Posted by Toke Eskildsen <te...@statsbiblioteket.dk>.
On Wed, 2014-03-19 at 13:28 +0100, Colin R wrote:
> My question is really regarding index architecture. One big or many small
> (with merged big ones)

One difference is that having a single index/collection gives you better
ranked searches within each collection. If you only use date/filename
sorting, that is of course irrelevant.

> In terms of bytes, each photo has a up to 1.5KB of data.

So about 20GB for the full index?

> Special requirements are search by date range, text, date range and text.
> Plus some boolean filtering. All results can be sorted by date or filename.

With no faceting, grouping or similar aggregating processing,
(re)opening of an index searcher should be very fast. The only thing
that takes a moment is the initial date or filename sorting. Asking for
minute-level data updates is thus very modest. With the information you
have given, you could aim for a few seconds.

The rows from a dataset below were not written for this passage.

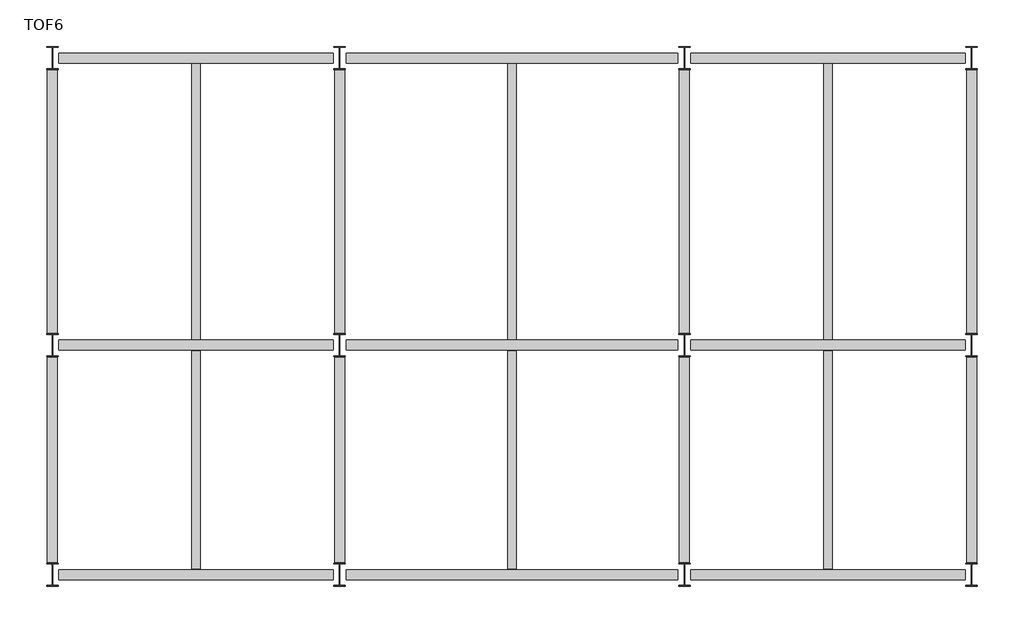
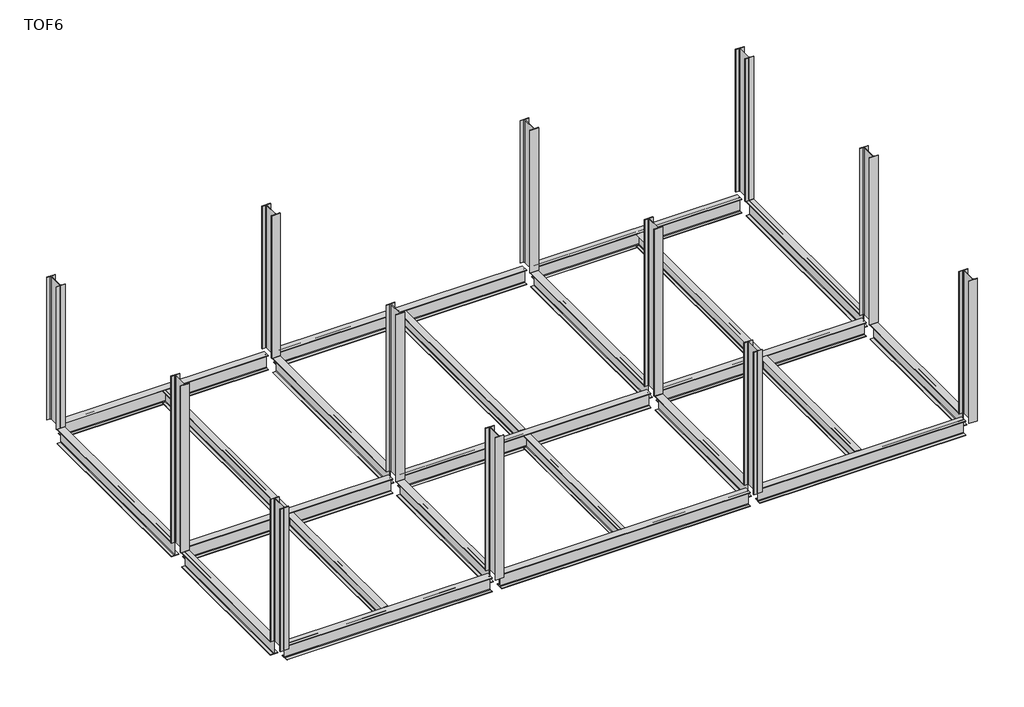
# One storey: 23 beams, 12 columns.
"""IFC4 building model written with IfcOpenShell, lengths in millimetres."""

import ifcopenshell
import ifcopenshell.guid

model = None  # the IFC model being written
_history = None  # IfcOwnerHistory: only IFC2X3 demands one
_inside = {}  # id of a spatial element -> (the spatial element, [elements in it])
_under = {}  # id of a project, library or spatial element -> (it, [spatial elements below it])
_declared = {}  # id of a project -> (the project, [libraries it declares])
_typed = {}  # id of a type object -> (the type object, [elements of that type])
_made_of = {}  # id of a material, layer set ... -> (it, [elements and type objects made of it])


def new_model(schema):
    """Start an empty IFC model of exactly this schema.

    Asked for "IFC4X3", IfcOpenShell would pick the latest addendum, in which some entities
    have other attributes; the version numbers below select the first issue.
    IFC2X3 requires an IfcOwnerHistory on every rooted entity: one is made here for all.
    """
    global model, _history
    if schema == "IFC4X3":
        model = ifcopenshell.file(schema_version=(4, 3, 0, 0))
    else:
        model = ifcopenshell.file(schema=schema)
    _inside.clear()
    _under.clear()
    _declared.clear()
    _typed.clear()
    _made_of.clear()
    _history = None
    if model.schema == "IFC2X3":
        org = make("IfcOrganization", Name="unknown")
        user = make(
            "IfcPersonAndOrganization",
            ThePerson=make("IfcPerson", FamilyName="unknown"),
            TheOrganization=org,
        )
        app = make(
            "IfcApplication",
            ApplicationDeveloper=org,
            Version="unknown",
            ApplicationFullName="unknown",
            ApplicationIdentifier="unknown",
        )
        _history = make(
            "IfcOwnerHistory",
            OwningUser=user,
            OwningApplication=app,
            ChangeAction="ADDED",
            CreationDate=0,
        )
    return model


def make(cls, **values):
    """One entity of the class cls with the attributes given. An attribute that is None is left unset."""
    return model.create_entity(
        cls, **{name: value for name, value in values.items() if value is not None}
    )


def rooted(cls, **values):
    """An entity with a GlobalId (a new one), such as an element, a storey or a relation."""
    return make(cls, GlobalId=ifcopenshell.guid.new(), OwnerHistory=_history, **values)


def si_unit(unit_type, name, prefix=None):
    """IfcSIUnit, for example si_unit("LENGTHUNIT", "METRE", prefix="MILLI")."""
    return make("IfcSIUnit", UnitType=unit_type, Prefix=prefix, Name=name)


def assignment(units):
    """IfcUnitAssignment: the units of a project."""
    return None if units is None else make("IfcUnitAssignment", Units=units)


def point(xyz):
    """IfcCartesianPoint."""
    return None if xyz is None else make("IfcCartesianPoint", Coordinates=xyz)


def direction(xyz):
    """IfcDirection."""
    return None if xyz is None else make("IfcDirection", DirectionRatios=xyz)


def frame(location, z_axis=None, x_axis=None):
    """IfcAxis2Placement3D, a coordinate frame: its origin and axes. An axis left out is left unset."""
    return make(
        "IfcAxis2Placement3D",
        Location=point(location),
        Axis=direction(z_axis),
        RefDirection=direction(x_axis),
    )


def frame_2d(location, x_axis=None):
    """IfcAxis2Placement2D, a coordinate frame in the plane: its origin and x axis."""
    return make(
        "IfcAxis2Placement2D", Location=point(location), RefDirection=direction(x_axis)
    )


def origin():
    """The frame at (0, 0, 0) with its axes left unset."""
    return frame((0.0, 0.0, 0.0))


def place(relative_to, where):
    """IfcLocalPlacement: puts the frame where relative to a parent placement (None: the world)."""
    return make(
        "IfcLocalPlacement", PlacementRelTo=relative_to, RelativePlacement=where
    )


def context(
    kind, dimensions, precision=None, world=None, true_north=None, identifier=None
):
    """IfcGeometricRepresentationContext, for example the 3D "Model" context."""
    return make(
        "IfcGeometricRepresentationContext",
        ContextIdentifier=identifier,
        ContextType=kind,
        CoordinateSpaceDimension=dimensions,
        Precision=precision,
        WorldCoordinateSystem=world,
        TrueNorth=true_north,
    )


def project(units=None, contexts=None):
    """IfcProject with its units and contexts."""
    return rooted(
        "IfcProject",
        Name="project",
        RepresentationContexts=contexts,
        UnitsInContext=assignment(units),
    )


def spatial(cls, under=None, at=None, **own):
    """A site, building, storey or space (cls), placed at a placement, below another one or the project."""
    s = rooted(cls, ObjectPlacement=at, **own)
    if under is not None:
        _under.setdefault(under.id(), (under, []))[1].append(s)
    return s


def polyline(points):
    """IfcPolyline through the points."""
    return make("IfcPolyline", Points=[point(p) for p in points])


def circle_curve(where, radius):
    """IfcCircle in the frame where."""
    return make("IfcCircle", Position=where, Radius=radius)


def trimmed(basis, trim1, trim2, sense, master):
    """IfcTrimmedCurve: the piece of a basis curve between two trims."""
    return make(
        "IfcTrimmedCurve",
        BasisCurve=basis,
        Trim1=trim1,
        Trim2=trim2,
        SenseAgreement=sense,
        MasterRepresentation=master,
    )


def segment(curve, same_sense, transition):
    """IfcCompositeCurveSegment."""
    return make(
        "IfcCompositeCurveSegment",
        Transition=transition,
        SameSense=same_sense,
        ParentCurve=curve,
    )


def composite_curve(segments, self_intersect=None):
    """IfcCompositeCurve: segments joined end to end."""
    return make("IfcCompositeCurve", Segments=segments, SelfIntersect=self_intersect)


def outline(outer, holes=None, kind="AREA"):
    """IfcArbitraryClosedProfileDef: a profile drawn as a closed curve; with holes, ...WithVoids."""
    if holes is None:
        return make("IfcArbitraryClosedProfileDef", ProfileType=kind, OuterCurve=outer)
    return make(
        "IfcArbitraryProfileDefWithVoids",
        ProfileType=kind,
        OuterCurve=outer,
        InnerCurves=holes,
    )


def extrude(swept, where, along, depth):
    """IfcExtrudedAreaSolid: the profile swept, set in the frame where, extruded along a direction by depth."""
    return make(
        "IfcExtrudedAreaSolid",
        SweptArea=swept,
        Position=where,
        ExtrudedDirection=direction(along),
        Depth=depth,
    )


def shape(context_of_items, identifier, shape_type, items):
    """IfcShapeRepresentation: the items that make up one representation, for example the "Body"."""
    return make(
        "IfcShapeRepresentation",
        ContextOfItems=context_of_items,
        RepresentationIdentifier=identifier,
        RepresentationType=shape_type,
        Items=items,
    )


def source(mapping_origin, context_of_items, identifier, shape_type, items):
    """IfcRepresentationMap: a shape defined once, which mapped items show again and again."""
    return make(
        "IfcRepresentationMap",
        MappingOrigin=mapping_origin,
        MappedRepresentation=shape(context_of_items, identifier, shape_type, items),
    )


def transform(
    local_origin,
    x_axis=None,
    y_axis=None,
    z_axis=None,
    scale=None,
    scale2=None,
    scale3=None,
    uniform=True,
):
    """IfcCartesianTransformationOperator3D, or its non-uniform kind. x_axis, y_axis, z_axis: its Axis1, 2, 3."""
    if uniform:
        return make(
            "IfcCartesianTransformationOperator3D",
            Axis1=direction(x_axis),
            Axis2=direction(y_axis),
            LocalOrigin=point(local_origin),
            Scale=scale,
            Axis3=direction(z_axis),
        )
    return make(
        "IfcCartesianTransformationOperator3DnonUniform",
        Axis1=direction(x_axis),
        Axis2=direction(y_axis),
        LocalOrigin=point(local_origin),
        Scale=scale,
        Axis3=direction(z_axis),
        Scale2=scale2,
        Scale3=scale3,
    )


def mapped(mapping_source, mapping_target):
    """IfcMappedItem: shows the shape of a source again, moved by a transform."""
    return make(
        "IfcMappedItem", MappingSource=mapping_source, MappingTarget=mapping_target
    )


def made_of(thing, what):
    """Note that an element or type object is made of a material, layer set ...; save() writes the relation."""
    if what is not None:
        _made_of.setdefault(what.id(), (what, []))[1].append(thing)
    return thing


def element(
    cls,
    number,
    at=None,
    inside=None,
    cuts=None,
    type_object=None,
    material=None,
    context=None,
    identifier="Body",
    shape_type=None,
    held_by="IfcProductDefinitionShape",
    body=None,
    shapes=None,
    **own,
):
    """One element of the class cls, such as IfcWall. Its Tag is "e" and its number.

    at: its placement. inside: the storey or other place that contains it. cuts: it is an
    opening in that element (IfcRelVoidsElement). A single representation is given by context,
    identifier, shape_type and body (its items); several are given by shapes. held_by: the class
    of the entity that holds the representations. save() writes the other relations.
    """
    e = rooted(cls, Tag="e%d" % number, ObjectPlacement=at, **own)
    if body is not None:
        shapes = [shape(context, identifier, shape_type, body)]
    if shapes is not None:
        e.Representation = make(held_by, Representations=shapes)
    if inside is not None:
        _inside.setdefault(inside.id(), (inside, []))[1].append(e)
    if cuts is not None:
        rooted(
            "IfcRelVoidsElement", RelatingBuildingElement=cuts, RelatedOpeningElement=e
        )
    if type_object is not None:
        _typed.setdefault(type_object.id(), (type_object, []))[1].append(e)
    return made_of(e, material)


def aggregate(whole, parts):
    """IfcRelAggregates: a whole, such as a stair, and the parts it consists of."""
    return rooted("IfcRelAggregates", RelatingObject=whole, RelatedObjects=parts)


def save(model, path):
    """Write the relations noted so far, then the file.

    IfcRelAggregates (storeys below a building ...), IfcRelContainedInSpatialStructure (elements
    in a storey), IfcRelDefinesByType, IfcRelAssociatesMaterial and IfcRelDeclares: one each for
    every whole, place, type object, material and project.
    """
    for whole, parts in _under.values():
        aggregate(whole, parts)
    for where, things in _inside.values():
        rooted(
            "IfcRelContainedInSpatialStructure",
            RelatedElements=things,
            RelatingStructure=where,
        )
    for kind, things in _typed.values():
        rooted("IfcRelDefinesByType", RelatedObjects=things, RelatingType=kind)
    for what, things in _made_of.values():
        rooted("IfcRelAssociatesMaterial", RelatedObjects=things, RelatingMaterial=what)
    for by, libraries in _declared.values():
        rooted("IfcRelDeclares", RelatingContext=by, RelatedDefinitions=libraries)
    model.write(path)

None of the things you have said gives any cause for concern about
performance and even though you have an existing system running and is
upgrading to a presumably faster one, you sound concerned. Do you
currently have performance problems, and if so, what is your current
hardware?

- Toke Eskildsen, State and University Library, Denmark



Re: Newbie Question: Master Index or 100s Small Index

Posted by Colin R <co...@dasmail.co.uk>.
Hi Toke

Thanks for replying.

My question is really regarding index architecture. One big or many small
(with merged big ones)

We probably get 5-10K photos added each day. Others are updated, some are
deleted.

Updates need to happen quite fast (e.g. within minutes of our Databases
receiving them).

In terms of bytes, each photo has a up to 1.5KB of data.

Special requirements are search by date range, text, date range and text.
Plus some boolean filtering. All results can be sorted by date or filename.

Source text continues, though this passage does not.